Abstract:
A set of addressable test structures, each of which uses addressing schemes to access individual elements of the structure in a matrix, is used to test the quality of a wafer before integrated circuits produced thereon are diced, packaged and subjected to final testing. The electrical characteristic of each element is checked and compared to the electrical characteristic of all other like elements in the matrix.

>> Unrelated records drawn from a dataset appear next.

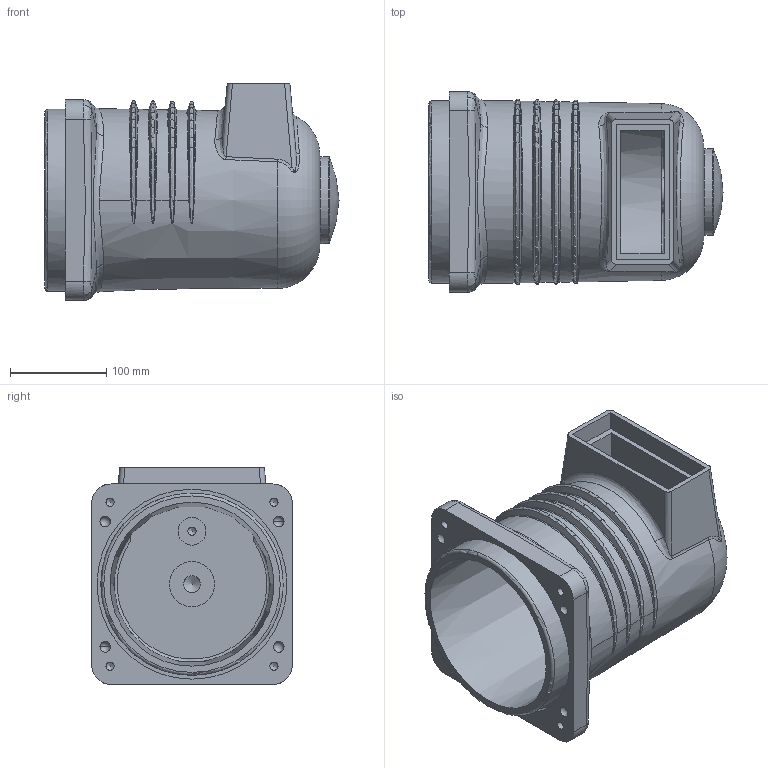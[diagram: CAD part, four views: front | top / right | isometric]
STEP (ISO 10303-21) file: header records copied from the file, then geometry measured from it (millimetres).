
FILE_DESCRIPTION(('STEP AP203'), '1');
FILE_NAME('ﾄ-ﾗﾝﾀﾇ-5-75-2000', '', ('UNSPECIFIED'), ('UNSPECIFIED'), 'ASCON STEP Converter 1.6', 'ASCON Math Kernel', '');
FILE_SCHEMA(('CONFIG_CONTROL_DESIGN'));
Length unit declared in the file: millimetre
Products named in the file (1): ﾄ-ﾗﾝﾀﾇ-5-75-2000
Bounding box: 305 x 208 x 225 mm (x, y, z)
Volume: 2966929.7 mm3; surface area: 416186.6 mm2
Topology: 1 solids, 1 shells, 127 faces, 312 edges, 188 vertices
Faces by surface type: bspline 49, plane 23, cone 20, cylinder 19, torus 9, sphere 7
Full cylindrical faces by diameter (mm): 8.5 x5, 17.5 x1, 29 x1, 47 x1, 90 x1, 189 x1, 197 x1
Entity records: 14943 total; most frequent: CARTESIAN_POINT 11593, ORIENTED_EDGE 530, DIRECTION 356, EDGE_CURVE 265, VERTEX_POINT 175, EDGE_LOOP 158, AXIS2_PLACEMENT_3D 150, B_SPLINE_CURVE_WITH_KNOTS 133
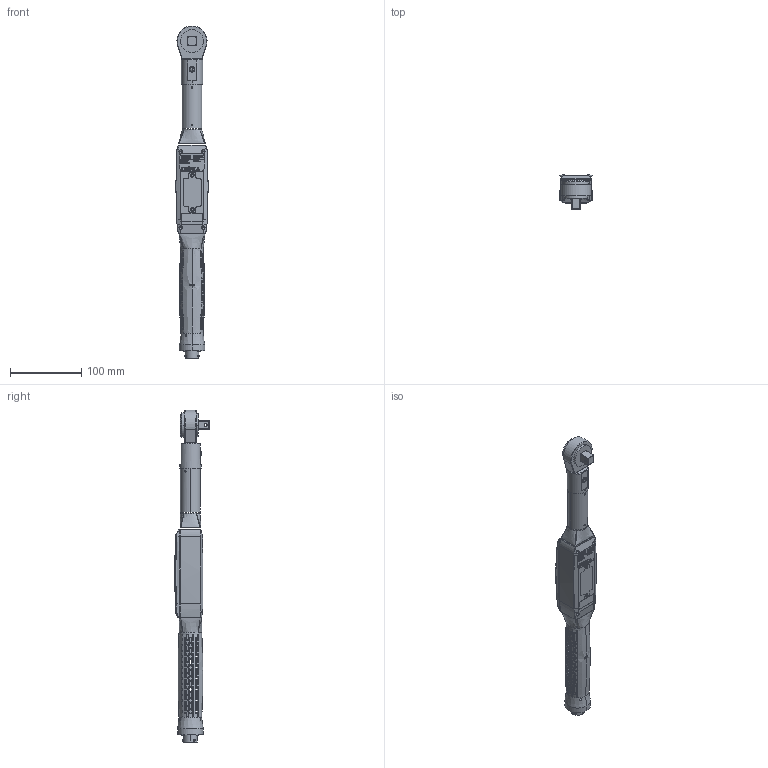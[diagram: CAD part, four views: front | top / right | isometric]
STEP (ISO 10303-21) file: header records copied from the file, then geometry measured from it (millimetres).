
FILE_DESCRIPTION((''),'2;1');
FILE_NAME('6152210410_DIM','2021-12-06T16:10:53',('S00000450'),(''),'CREO PARAMETRIC BY PTC INC, 2021072','CREO PARAMETRIC BY PTC INC, 2021072','');
FILE_SCHEMA(('AP242_MANAGED_MODEL_BASED_3D_ENGINEERING_MIM_LF { 1 0 10303 442 1 1 4 }'));
Length unit declared in the file: millimetre
Products named in the file (1): 6152210410_DIM
Bounding box: 45.16 x 48.55 x 467.2 mm (x, y, z)
Surface area: 59896 mm2 (no closed solid volume)
Topology: 0 solids, 307 shells, 632 faces, 6424 edges, 6040 vertices
Faces by surface type: bspline 329, plane 169, cylinder 82, cone 24, sphere 19, extrusion 9
Entity records: 120892 total; most frequent: CARTESIAN_POINT 80752, ORIENTED_EDGE 6942, EDGE_CURVE 6407, VERTEX_POINT 6040, DIRECTION 3994, B_SPLINE_CURVE_WITH_KNOTS 3830, VECTOR 1784, LINE 1775

The effectiveness of the addressable test matrix is in readily analyzing the electrical characteristics of the test elements and in providing diagnostic information.

Description:
ORIGIN OF INVENTION 
     The invention described herein was made in the performance of work under a NASA contract, and is subject to the provisions of Public Law 96-517 (35 USC 202) in which the Contractor has elected to retain title. 
    
    
     BACKGROUND OF THE INVENTION 
     This invention relates to a method for testing integrated circuit (IC) wafers for quality control of the process, and initial screening of IC devices prior to dicing and packaging the individual devices. 
     The use of microelectronic test structures for process characterization in IC fabrication is now common, usually in the form of inverters interspersed among the devices. Yet these structures often consume a lot of area on wafers and are considered an automatic yield loss. Concern about this area is a long standing one that has limited their use. In more recent times the shift from whole-wafer-lithography to direct-step-on-wafer lithography has placed further emphasis on the efficient utilization of wafer area for diagnostic purposes. 
     Test chips can be &#34;pad intensive&#34; where each test element in a test structure (such as a transistor) is connected to a separate probe pad. This approach to test chip layout has the advantage of eliminating the interference of one structure on another. The disadvantage of this approach is that only a limited number of structures can be sampled so that it may be difficult to establish a meaningful characterization of device parameters and process faults. 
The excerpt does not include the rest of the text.